## [Work request]
Please set down the lines of the listing exactly, from its first line to the line with "#7 = ORIENTED_EDGE", leaving the pictures out.
______
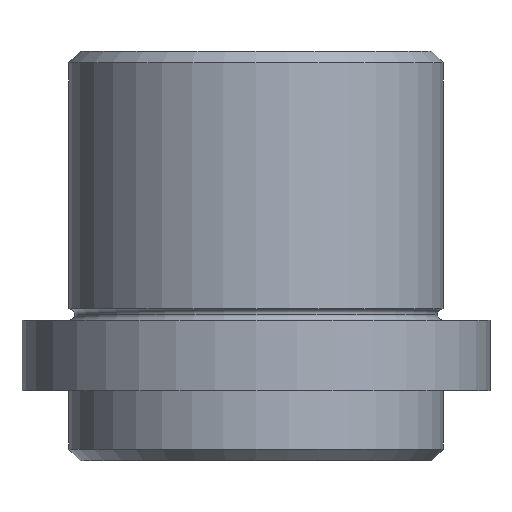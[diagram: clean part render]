
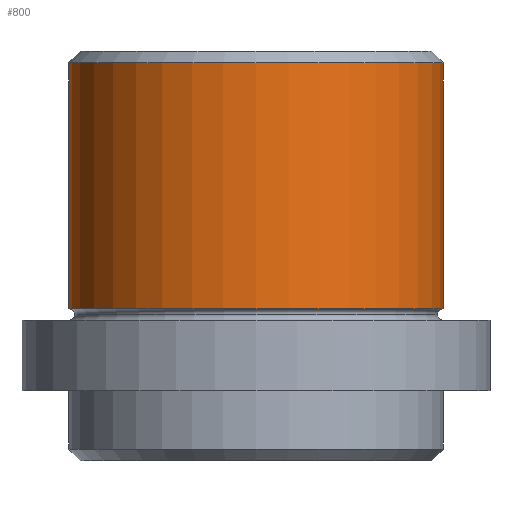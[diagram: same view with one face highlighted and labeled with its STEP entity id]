
A CAD part, front view. The second image highlights one B-rep face of the part: STEP entity #800.
In plain terms, the highlighted cylindrical face has radius 16 mm (diameter 32 mm), a partial arc.
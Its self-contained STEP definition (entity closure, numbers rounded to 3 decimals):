
#7 = ORIENTED_EDGE ( 'NONE', *, *, #450, .T. ) ;
#11 = DIRECTION ( 'NONE',  ( -1., 0., 0. ) ) ;
#39 = LINE ( 'NONE', #568, #580 ) ;
#73 = CARTESIAN_POINT ( 'NONE',  ( -16., 0., -1. ) ) ;
#93 = CARTESIAN_POINT ( 'NONE',  ( 16., 0., -22. ) ) ;
#105 = CARTESIAN_POINT ( 'NONE',  ( 16., 0., -1. ) ) ;
#156 = CARTESIAN_POINT ( 'NONE',  ( 0., 0., -22. ) ) ;
#160 = VECTOR ( 'NONE', #383, 1000. ) ;
#171 = CARTESIAN_POINT ( 'NONE',  ( 0., 0., 0. ) ) ;
#228 = DIRECTION ( 'NONE',  ( 1., 0., 0. ) ) ;
#230 = DIRECTION ( 'NONE',  ( 0., 0., 1. ) ) ;
#233 = CARTESIAN_POINT ( 'NONE',  ( -16., 0., 0. ) ) ;
#240 = FACE_OUTER_BOUND ( 'NONE', #343, .T. ) ;
#263 = CIRCLE ( 'NONE', #477, 16. ) ;
#282 = AXIS2_PLACEMENT_3D ( 'NONE', #171, #780, #712 ) ;
#284 = VERTEX_POINT ( 'NONE', #73 ) ;
#343 = EDGE_LOOP ( 'NONE', ( #519, #7, #668, #688 ) ) ;
#365 = DIRECTION ( 'NONE',  ( 0., 0., -1. ) ) ;
#372 = LINE ( 'NONE', #233, #160 ) ;
#383 = DIRECTION ( 'NONE',  ( 0., 0., 1. ) ) ;
#414 = EDGE_CURVE ( 'NONE', #805, #284, #263, .T. ) ;
#450 = EDGE_CURVE ( 'NONE', #797, #464, #612, .T. ) ;
#461 = EDGE_CURVE ( 'NONE', #797, #284, #372, .T. ) ;
#464 = VERTEX_POINT ( 'NONE', #93 ) ;
#477 = AXIS2_PLACEMENT_3D ( 'NONE', #492, #365, #11 ) ;
#492 = CARTESIAN_POINT ( 'NONE',  ( 0., 0., -1. ) ) ;
#519 = ORIENTED_EDGE ( 'NONE', *, *, #461, .F. ) ;
#568 = CARTESIAN_POINT ( 'NONE',  ( 16., 0., 0. ) ) ;
#580 = VECTOR ( 'NONE', #776, 1000. ) ;
#612 = CIRCLE ( 'NONE', #827, 16. ) ;
#668 = ORIENTED_EDGE ( 'NONE', *, *, #791, .T. ) ;
#688 = ORIENTED_EDGE ( 'NONE', *, *, #414, .T. ) ;
#712 = DIRECTION ( 'NONE',  ( 1., 0., 0. ) ) ;
#716 = CARTESIAN_POINT ( 'NONE',  ( -16., 0., -22. ) ) ;
#758 = CYLINDRICAL_SURFACE ( 'NONE', #282, 16. ) ;
#776 = DIRECTION ( 'NONE',  ( 0., 0., 1. ) ) ;
#780 = DIRECTION ( 'NONE',  ( 0., 0., 1. ) ) ;
#791 = EDGE_CURVE ( 'NONE', #464, #805, #39, .T. ) ;
#797 = VERTEX_POINT ( 'NONE', #716 ) ;
#800 = ADVANCED_FACE ( 'NONE', ( #240 ), #758, .T. ) ;
#805 = VERTEX_POINT ( 'NONE', #105 ) ;
#827 = AXIS2_PLACEMENT_3D ( 'NONE', #156, #230, #228 ) ;
______
## [Answer to the exercise]
[diagram: clean part render]
[diagram: same view with one face highlighted and labeled with its STEP entity id]
A CAD part, front view. The second image highlights one B-rep face of the part: STEP entity #800.
In plain terms, the highlighted cylindrical face has radius 16 mm (diameter 32 mm), a partial arc.
Its self-contained STEP definition (entity closure, numbers rounded to 3 decimals):
#7 = ORIENTED_EDGE ( 'NONE', *, *, #450, .T. ) ;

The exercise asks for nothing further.